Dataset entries
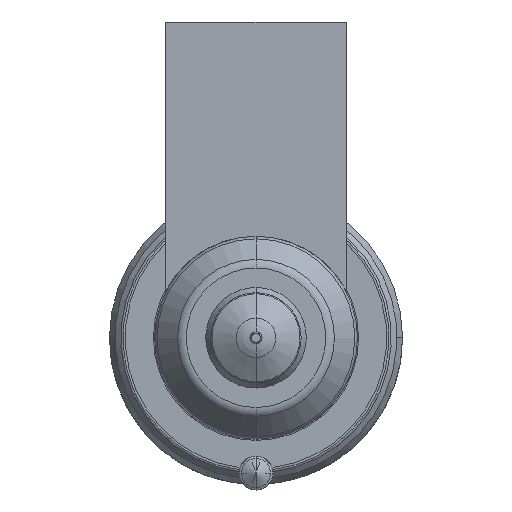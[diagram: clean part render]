
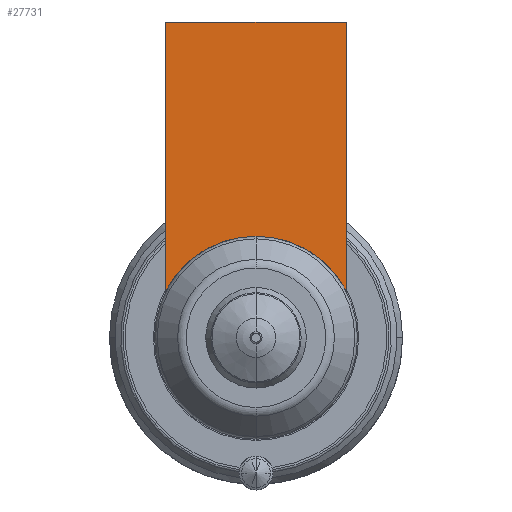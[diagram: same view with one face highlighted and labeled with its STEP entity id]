
A CAD part, front view. The second image highlights one B-rep face of the part: STEP entity #27731.
In plain terms, the highlighted planar face has unit normal (0, -1, 0).
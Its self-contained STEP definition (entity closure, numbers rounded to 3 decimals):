
#26840=DIRECTION('',(1.,0.,0.));
#26841=VECTOR('',#26840,16.);
#26842=CARTESIAN_POINT('',(-8.,-54.,28.));
#26843=LINE('',#26842,#26841);
#26848=CARTESIAN_POINT('',(0.,-54.,0.));
#26849=DIRECTION('',(0.,-1.,0.));
#26850=DIRECTION('',(0.889,0.,0.458));
#26851=AXIS2_PLACEMENT_3D('',#26848,#26849,#26850);
#26856=CARTESIAN_POINT('',(0.,-54.,0.));
#26857=DIRECTION('',(0.,-1.,0.));
#26858=DIRECTION('',(0.,0.,1.));
#26859=AXIS2_PLACEMENT_3D('',#26856,#26857,#26858);
#26885=DIRECTION('',(0.,0.,-1.));
#26886=VECTOR('',#26885,23.877);
#26887=CARTESIAN_POINT('',(-8.,-54.,28.));
#26888=LINE('',#26887,#26886);
#27575=DIRECTION('',(0.,0.,-1.));
#27576=VECTOR('',#27575,23.877);
#27577=CARTESIAN_POINT('',(8.,-54.,28.));
#27578=LINE('',#27577,#27576);
#27628=CARTESIAN_POINT('',(-8.,-54.,28.));
#27629=VERTEX_POINT('',#27628);
#27634=CARTESIAN_POINT('',(8.,-54.,28.));
#27635=VERTEX_POINT('',#27634);
#27638=CARTESIAN_POINT('',(-8.,-54.,4.123));
#27639=VERTEX_POINT('',#27638);
#27642=CARTESIAN_POINT('',(8.,-54.,4.123));
#27643=VERTEX_POINT('',#27642);
#27712=CARTESIAN_POINT('',(0.,-54.,9.));
#27713=VERTEX_POINT('',#27712);
#27714=CARTESIAN_POINT('',(0.,-54.,9.));
#27715=DIRECTION('',(0.,1.,0.));
#27716=DIRECTION('',(0.,0.,-1.));
#27717=AXIS2_PLACEMENT_3D('',#27714,#27715,#27716);
#27718=PLANE('',#27717);
#27720=ORIENTED_EDGE('',*,*,#27719,.F.);
#27722=ORIENTED_EDGE('',*,*,#27721,.T.);
#27724=ORIENTED_EDGE('',*,*,#27723,.T.);
#27726=ORIENTED_EDGE('',*,*,#27725,.T.);
#27728=ORIENTED_EDGE('',*,*,#27727,.T.);
#27729=EDGE_LOOP('',(#27720,#27722,#27724,#27726,#27728));
#27730=FACE_OUTER_BOUND('',#27729,.F.);
#27731=ADVANCED_FACE('',(#27730),#27718,.F.);
#26852=CIRCLE('',#26851,9.);
#26860=CIRCLE('',#26859,9.);
#27719=EDGE_CURVE('',#27629,#27639,#26888,.T.);
#27721=EDGE_CURVE('',#27629,#27635,#26843,.T.);
#27723=EDGE_CURVE('',#27635,#27643,#27578,.T.);
#27725=EDGE_CURVE('',#27643,#27713,#26852,.T.);
#27727=EDGE_CURVE('',#27713,#27639,#26860,.T.);

Exercise aim: Identify the lines in the entries above that contain "DIRECTION", then copy them out.

Result of this exercise:
#26840=DIRECTION('',(1.,0.,0.));
#26849=DIRECTION('',(0.,-1.,0.));
#26850=DIRECTION('',(0.889,0.,0.458));
#26857=DIRECTION('',(0.,-1.,0.));
#26858=DIRECTION('',(0.,0.,1.));
#26885=DIRECTION('',(0.,0.,-1.));
#27575=DIRECTION('',(0.,0.,-1.));
#27715=DIRECTION('',(0.,1.,0.));
#27716=DIRECTION('',(0.,0.,-1.));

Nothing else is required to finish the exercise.